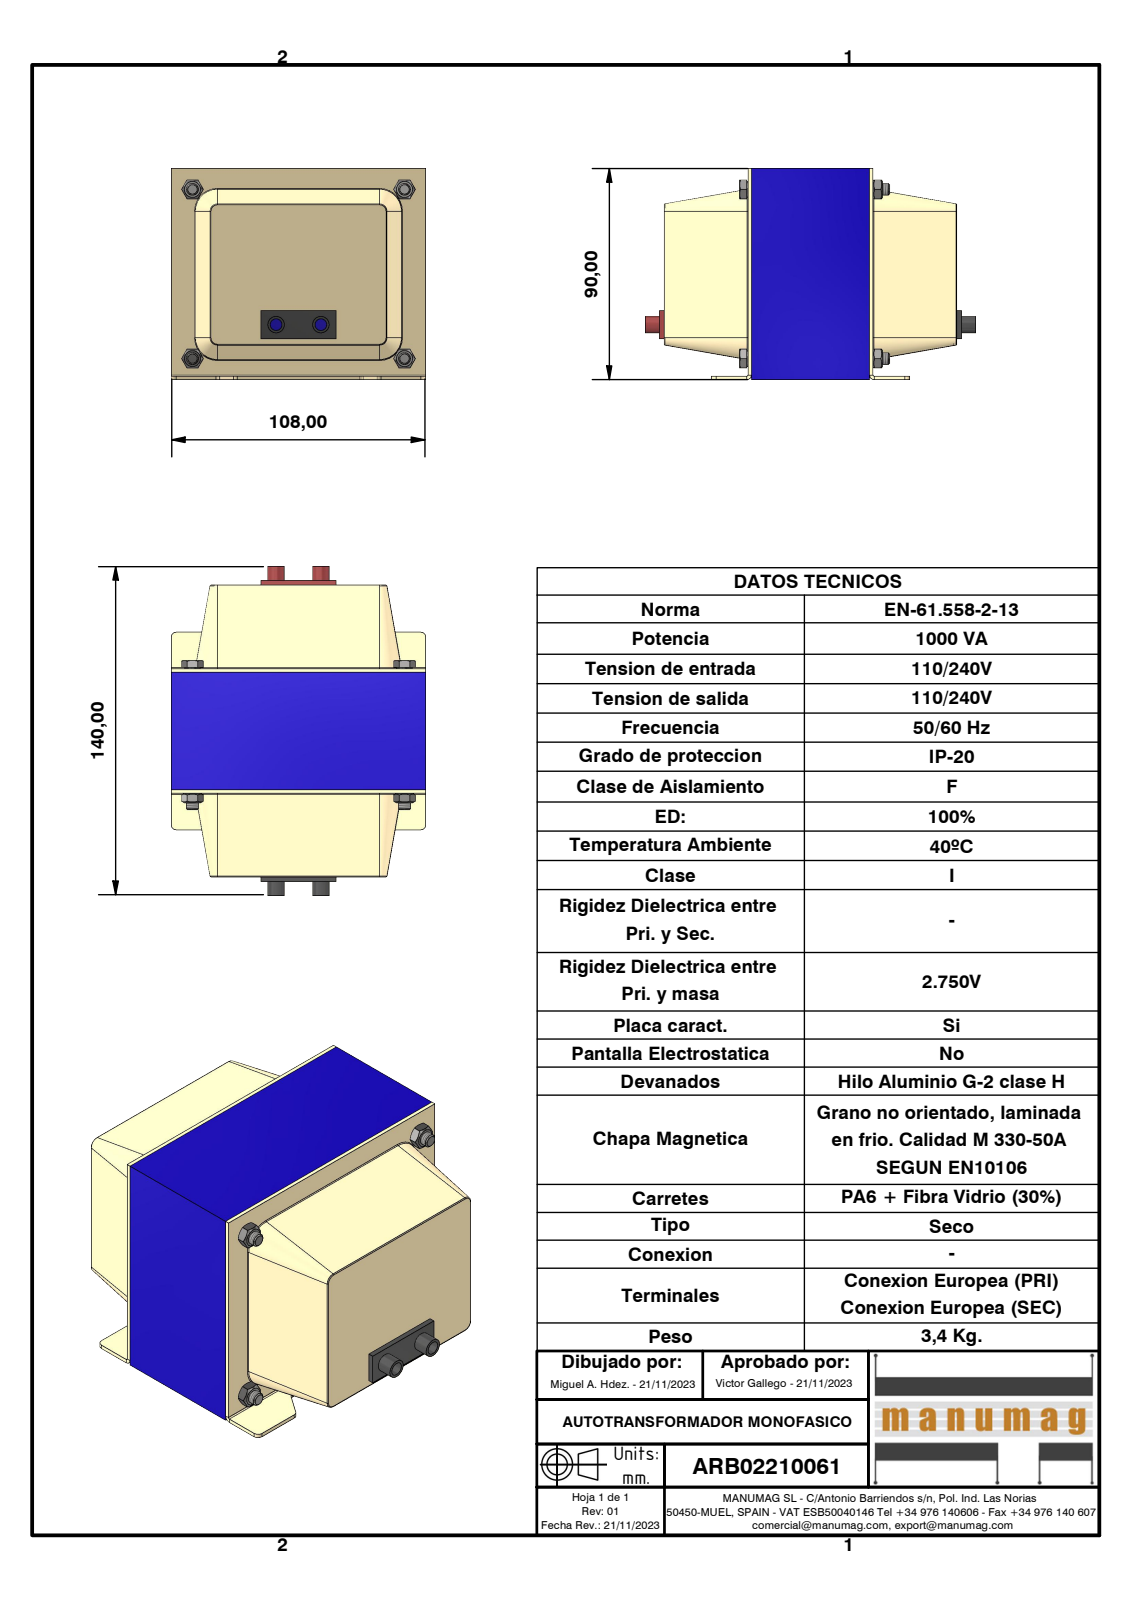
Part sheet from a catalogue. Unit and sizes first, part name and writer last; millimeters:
Units: millimetres
Overall size (bounding box): 140 × 108 × 90
Round holes (diameter × count): ⌀5 ×6, ⌀4.13 ×4, ⌀5.6 ×4
Round bosses / shafts (diameter × count): ⌀6.7 ×4, ⌀4.57 ×4, ⌀7 ×2
Partial cylindrical surfaces — rounded edges, fillets, slot ends (radius × count): R0.38 ×16, R2 ×14, R0.5 ×2
Main face-to-face distances: 1.5, 87, 35.5, 18, 72, 90, 50, 37, 36, 88.5
Hole centre spacings: 38.33, 56.39, 67.61, 72, 79.25, 90, 115.26, 19
Volume: 422 530 mm³ · Surface area: 137 856 mm²
Bodies: 13 solids, 310 faces (162 planar, 68 cylindrical, 80 other)
Part name (STEP PRODUCT): ARB02210061; TAPA RC36 RECEPTACULO; Receptaculo negro; Receptaculo Rojo (+3 more)
STEP written by: Autodesk Inventor 2023 (AUTOMOTIVE_DESIGN)
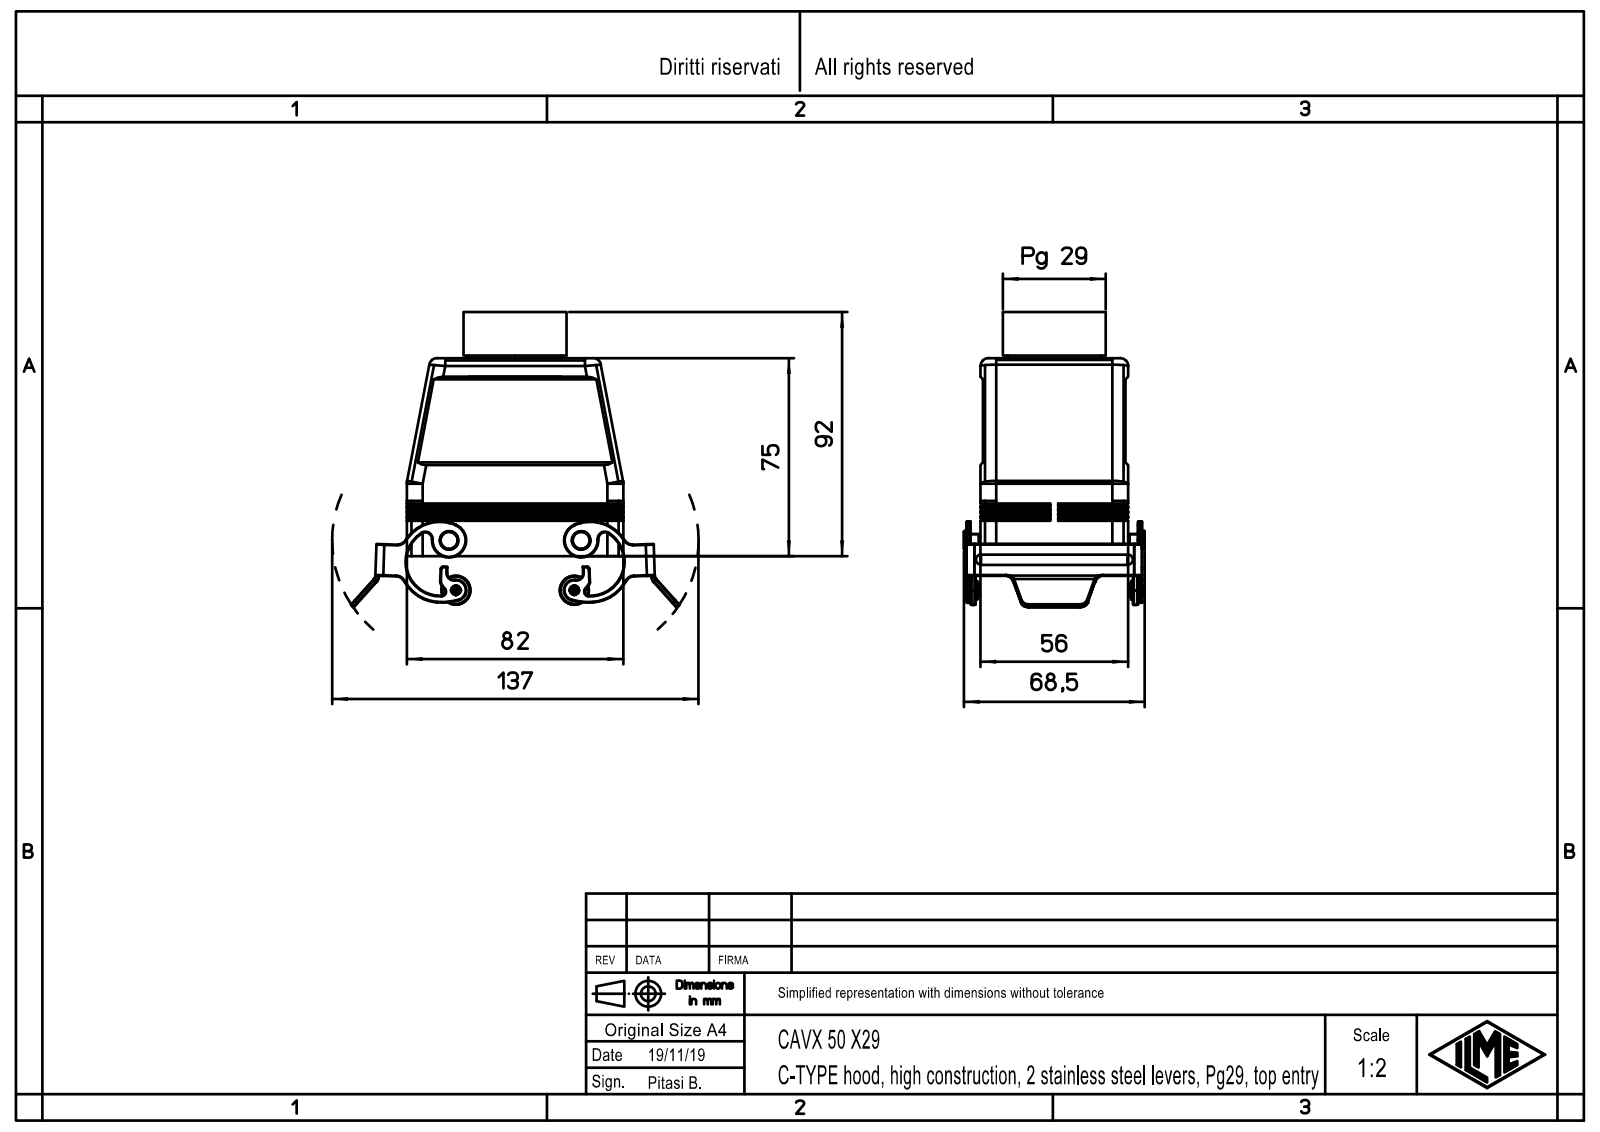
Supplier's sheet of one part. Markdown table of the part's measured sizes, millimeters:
| quantity | value |
| --- | --- |
| part name | Leva.1; Leva; CAVX 50 X29 |
| STEP written by | Creo Elements/Direct Modeling 20.1B 02-Apr-2019 (C) Parametric Technology GmbH (AUTOMOTIVE_DESIGN) |
| units | millimeters |
| bodies | 3 solids, 702 faces (280 planar, 326 cylindrical, 96 other) |
| overall size | 122.79 × 112.25 × 68.5 |
| volume | 88 205 mm³ |
| surface area | 61 448 mm² |
| round holes (diameter × count) | 2.46 × 8, 3.5 × 8, 5 × 4, 1.2 × 2, 2 × 2, 3.1 × 2, 32 × 1, 36.24 × 1 |
| round bosses / shafts (diameter × count) | 7 × 4, 4.8 × 4, 3 × 4, 11 × 2, 3.5 × 2, 40 × 1, 39 × 1, 35.3 × 1 |
| partial cylindrical surfaces (radius × count) | 3 × 20, 2 × 12, 6 × 10, 1.5 × 6, 3.5 × 6, 5.5 × 6, 2.5 × 4, 4 × 4 |
| main face-to-face distances | 3, 53, 1, 50, 2, 55, 52, 1.5, 8.25, 56 |
| hole center spacings | 16, 24, 33.24, 38.59, 66, 67.91, 70.23, 8 |

━━━━━━━━━━━━━━━━━━━━

### [What the task requires]
Only one number is needed: please count the lines of the entries above in which the string "millimeters" occurs.

### [Answer to this task]
3